§ **Task to complete**
Output exactly the lines from the first line of the records below through the line containing "import ezdxf", both included, leaving out any pictures.

§ **Dataset content**
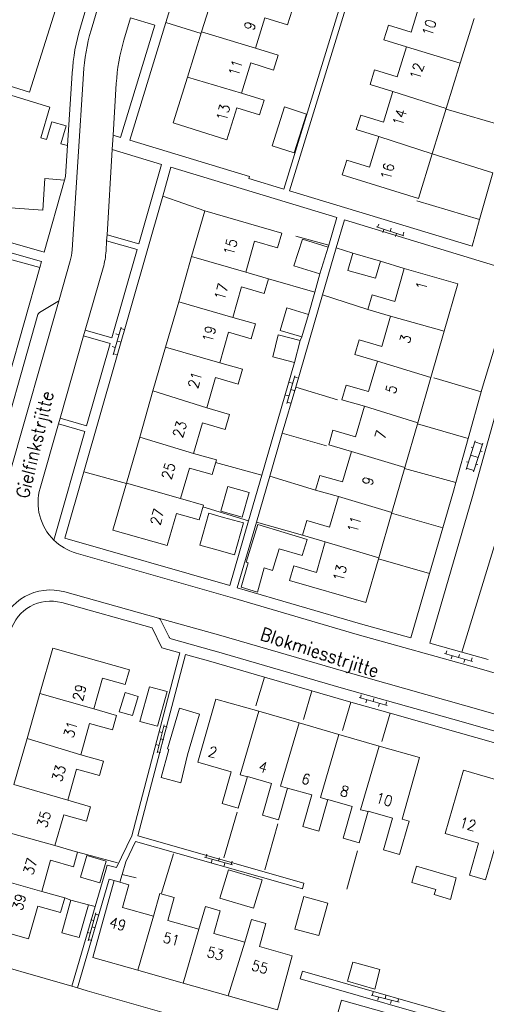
# Model space of a CAD drawing. Header units: metres. Extents: x 189705 to 199106, y 581686 to 588448.
# Tile 455 of 555: x 198164 to 198235, y 585218 to 585368. Entities that reach past the tile are written whole.
import ezdxf

# ---------------------------------------------------------------- set-up
doc = ezdxf.new("R2010")
doc.units = ezdxf.units.M
doc.layers.add('B-WA-OG-GBKN-G', color=7, linetype='Continuous', lineweight=18)
doc.styles.add('Style-STANDARD', font='STANDARD.shx')

msp = doc.modelspace()

# ---------------------------------------------------------------- linework, layer by layer
at = {"layer": 'B-WA-OG-GBKN-G'}
for p, q in [((198218.993, 585336.679), (198218.838, 585336.203)), ((198218.648, 585336.265), (198222.832, 585334.902)), ((198219.789, 585335.893), (198219.634, 585335.418)), ((198220.895, 585336.059), (198220.74, 585335.583)), ((198221.691, 585335.273), (198221.536, 585334.798)), ((198222.796, 585335.439), (198222.641, 585334.964)), ((198179.874, 585321.012), (198178.638, 585316.789)), ((198179.537, 585319.86), (198179.057, 585320.001)), ((198180.298, 585320.679), (198179.818, 585320.82)), ((198179.736, 585318.76), (198179.256, 585318.9)), ((198178.975, 585317.941), (198178.495, 585318.081)), ((198179.174, 585316.841), (198178.694, 585316.981)), ((198206.243, 585313.632), (198205.059, 585309.394)), ((198205.92, 585312.476), (198205.439, 585312.611)), ((198206.671, 585313.305), (198206.189, 585313.439)), ((198206.133, 585311.378), (198205.651, 585311.513)), ((198205.382, 585310.55), (198204.901, 585310.684)), ((198205.595, 585309.452), (198205.113, 585309.587)), ((198232.272, 585299.364), (198233.674, 585303.745)), ((198233.613, 585303.554), (198234.756, 585303.188)), ((198233.037, 585302.741), (198233.323, 585302.649)), ((198233.414, 585298.998), (198234.817, 585303.379)), ((198234.436, 585302.188), (198234.721, 585302.097)), ((198232.337, 585300.552), (198232.623, 585300.461)), ((198232.973, 585301.554), (198234.116, 585301.188)), ((198232.333, 585299.554), (198233.475, 585299.188)), ((198233.796, 585300.19), (198234.082, 585300.099)), ((198229, 585271.351), (198233.237, 585270.163)), ((198229.328, 585271.779), (198229.193, 585271.297)), ((198230.156, 585271.027), (198230.021, 585270.546)), ((198231.253, 585271.239), (198231.118, 585270.757)), ((198233.179, 585270.699), (198233.044, 585270.217)), ((198232.081, 585270.487), (198231.946, 585270.006)), ((198216.02, 585264.656), (198220.257, 585263.468)), ((198216.348, 585265.084), (198216.213, 585264.602)), ((198217.176, 585264.332), (198217.041, 585263.851)), ((198218.273, 585264.544), (198218.138, 585264.062)), ((198219.101, 585263.792), (198218.966, 585263.311)), ((198220.199, 585264.004), (198220.064, 585263.522)), ((198186.422, 585260.496), (198185.309, 585256.239)), ((198186.855, 585260.176), (198186.371, 585260.302)), ((198186.119, 585259.335), (198185.635, 585259.461)), ((198185.613, 585257.4), (198185.129, 585257.526)), ((198186.349, 585258.241), (198185.866, 585258.367)), ((198185.844, 585256.306), (198185.36, 585256.432)), ((198192.872, 585240.825), (198192.74, 585240.342)), ((198192.547, 585240.395), (198196.791, 585239.234)), ((198193.705, 585240.078), (198193.573, 585239.596)), ((198194.801, 585240.297), (198194.669, 585239.815)), ((198195.634, 585239.551), (198195.502, 585239.068)), ((198196.73, 585239.769), (198196.598, 585239.287)), ((198176.027, 585231.898), (198174.87, 585227.653)), ((198176.457, 585231.573), (198175.974, 585231.705)), ((198175.712, 585230.74), (198175.229, 585230.872)), ((198175.186, 585228.81), (198174.703, 585228.942)), ((198175.931, 585229.644), (198175.449, 585229.775)), ((198175.405, 585227.714), (198174.923, 585227.846)), ((198218.142, 585219.835), (198218.02, 585219.35)), ((198217.826, 585219.399), (198222.092, 585218.321)), ((198218.99, 585219.105), (198218.867, 585218.62)), ((198220.082, 585219.345), (198219.959, 585218.86)), ((198220.929, 585218.615), (198220.806, 585218.131)), ((198222.021, 585218.855), (198221.898, 585218.37))]:
    msp.add_line(p, q, dxfattribs=at)
at = {"layer": 'B-WA-OG-GBKN-G', "flags": 128}
for points in [[(198185.9, 585408.068), (198173.662, 585366.656)], [(198175.292, 585366.174), (198187.531, 585407.586)], [(198186.668, 585367.344), (198198.868, 585407.231), (198222.354, 585399.942), (198204.591, 585342.009), (198199.268, 585343.626), (198199.355, 585343.913), (198181.19, 585349.434), (198186.668, 585367.344)], [(198153.904, 585360.532), (198165.932, 585356.752), (198179.632, 585400.169)], [(198238.297, 585351.515), (198242.481, 585366.433), (198249.638, 585391.474), (198223.213, 585399.675), (198205.452, 585341.747), (198233.192, 585333.316), (198234.329, 585337.367)], [(198194.238, 585372.833), (198192.077, 585365.931)], [(198200.256, 585363.447), (198201.69, 585368.062), (198205.134, 585366.991), (198205.83, 585369.229), (198202.387, 585370.3)], [(198223.222, 585363.67), (198219.785, 585364.728), (198220.472, 585366.962), (198223.91, 585365.905), (198225.335, 585370.536)], [(198181.266, 585368.053), (198184.978, 585366.948), (198179.755, 585349.87), (198178.639, 585350.212)], [(198181.266, 585368.053), (198180.274, 585364.667)], [(198233.486, 585367.989), (198231.381, 585361.149)], [(198186.668, 585367.344), (198191.997, 585365.676)], [(198192.077, 585365.931), (198189.919, 585359.039)], [(198200.256, 585363.447), (198192.077, 585365.931)], [(198198.123, 585356.593), (198199.557, 585361.203), (198203.001, 585360.132), (198203.697, 585362.371), (198200.256, 585363.447)], [(198221.125, 585356.853), (198217.687, 585357.91), (198218.372, 585360.135), (198221.809, 585359.077), (198223.222, 585363.67)], [(198223.222, 585363.67), (198231.381, 585361.149)], [(198117.837, 585362.806), (198113.133, 585348.201), (198168.15, 585332.428), (198171.259, 585343.35)], [(198153.904, 585360.532), (198152.09, 585354.614), (198153.021, 585354.328), (198154.451, 585358.99), (198161.636, 585356.735), (198160.187, 585352.124), (198161.146, 585351.818), (198162.587, 585356.454), (198169.03, 585354.473), (198167.641, 585349.835), (198168.501, 585349.566), (198169.311, 585352.248), (198171.484, 585351.618), (198170.688, 585348.924), (198171.726, 585348.644)], [(198231.381, 585361.149), (198229.268, 585354.284)], [(198172.426, 585359.676), (198171.726, 585348.644)], [(198172.424, 585332.771), (198174.122, 585359.569)], [(198189.919, 585359.039), (198187.74, 585352.08), (198195.928, 585349.533), (198197.43, 585354.364), (198200.874, 585353.293), (198201.567, 585355.522), (198198.123, 585356.593)], [(198198.123, 585356.593), (198189.919, 585359.039)], [(198179.119, 585358.061), (198178.639, 585350.212)], [(198219.019, 585350.006), (198215.581, 585351.064), (198216.263, 585353.279), (198219.7, 585352.222), (198221.125, 585356.853)], [(198229.268, 585354.284), (198221.125, 585356.853)], [(198206.158, 585347.542), (198202.815, 585348.615), (198204.705, 585354.505), (198208.049, 585353.432), (198206.158, 585347.542)], [(198171.259, 585343.35), (198168.256, 585343.643), (198167.938, 585338.8), (198158.067, 585339.525), (198158.61, 585344.346), (198156.792, 585344.484), (198156.316, 585339.66), (198145.966, 585340.397), (198146.321, 585345.326), (198141.706, 585344.053), (198139.827, 585350.972), (198144.442, 585352.218), (198143.841, 585354.41)], [(198229.268, 585354.284), (198227.142, 585347.374)], [(198238.297, 585351.515), (198229.241, 585354.195)], [(198178.639, 585350.212), (198178.507, 585348.055)], [(198227.142, 585347.374), (198225.06, 585340.61), (198213.46, 585344.17), (198214.144, 585346.395), (198217.582, 585345.337), (198219.019, 585350.006)], [(198219.019, 585350.006), (198227.142, 585347.374)], [(198171.259, 585343.35), (198171.429, 585343.946), (198171.726, 585348.644)], [(198177.713, 585335.08), (198182.538, 585333.699), (198185.995, 585345.779), (198178.507, 585348.055)], [(198178.507, 585348.055), (198177.713, 585335.08)], [(198236.326, 585344.487), (198227.143, 585347.377)], [(198211.426, 585333.496), (198212.644, 585337.68), (198187.43, 585345.343), (198186.176, 585340.96)], [(198234.329, 585337.367), (198236.326, 585344.487)], [(198186.176, 585340.96), (198174.169, 585299)], [(198192.57, 585338.69), (198186.176, 585340.96)], [(198234.329, 585337.367), (198224.803, 585340.237)], [(198167.48, 585330.076), (198167.739, 585330.986), (198140.363, 585338.834), (198125.689, 585290.614), (198124.828, 585290.876), (198124.985, 585291.393)], [(198198.795, 585329.37), (198200.148, 585334.078), (198203.607, 585333.084), (198204.253, 585335.332), (198192.57, 585338.69), (198190.575, 585331.748)], [(198234.584, 585311.17), (198234.786, 585311.888), (198240.101, 585329.335), (198213.792, 585337.331), (198212.557, 585333.087)], [(198146.978, 585335.729), (198167.48, 585330.076)], [(198177.713, 585335.08), (198177.657, 585334.16)], [(198174.41, 585320.56), (198178.448, 585319.405), (198182.29, 585332.834), (198177.657, 585334.16)], [(198177.562, 585332.605), (198177.657, 585334.16)], [(198210.064, 585329.103), (198206.122, 585330.334), (198207.396, 585334.411), (198211.338, 585333.18)], [(198206.396, 585334.876), (198211.426, 585333.496)], [(198211.335, 585333.181), (198211.426, 585333.496)], [(198211.338, 585333.18), (198210.064, 585329.103)], [(198212.557, 585333.087), (198210.479, 585325.947)], [(198212.557, 585333.087), (198215.063, 585332.274)], [(198219.261, 585331.071), (198215.063, 585332.274), (198214.311, 585329.651), (198218.509, 585328.448), (198219.261, 585331.071)], [(198170.456, 585325.19), (198172.134, 585331.086)], [(198190.575, 585331.748), (198188.603, 585324.887)], [(198190.575, 585331.748), (198198.795, 585329.37)], [(198219.261, 585331.071), (198222.868, 585329.931)], [(198160.295, 585304.839), (198167.48, 585330.076)], [(198174.41, 585320.56), (198177.121, 585330.036)], [(198196.818, 585322.491), (198198.152, 585327.131), (198201.611, 585326.137), (198202.254, 585328.376), (198198.795, 585329.37)], [(198210.064, 585329.103), (198209.3, 585326.359)], [(198220.782, 585322.699), (198217.343, 585323.691), (198217.989, 585325.932), (198221.428, 585324.94), (198222.868, 585329.931), (198231.02, 585327.58), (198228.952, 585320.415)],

§ **Worked solution**
# Model space of a CAD drawing. Header units: metres. Extents: x 189705 to 199106, y 581686 to 588448.
# Tile 455 of 555: x 198164 to 198235, y 585218 to 585368. Entities that reach past the tile are written whole.
import ezdxf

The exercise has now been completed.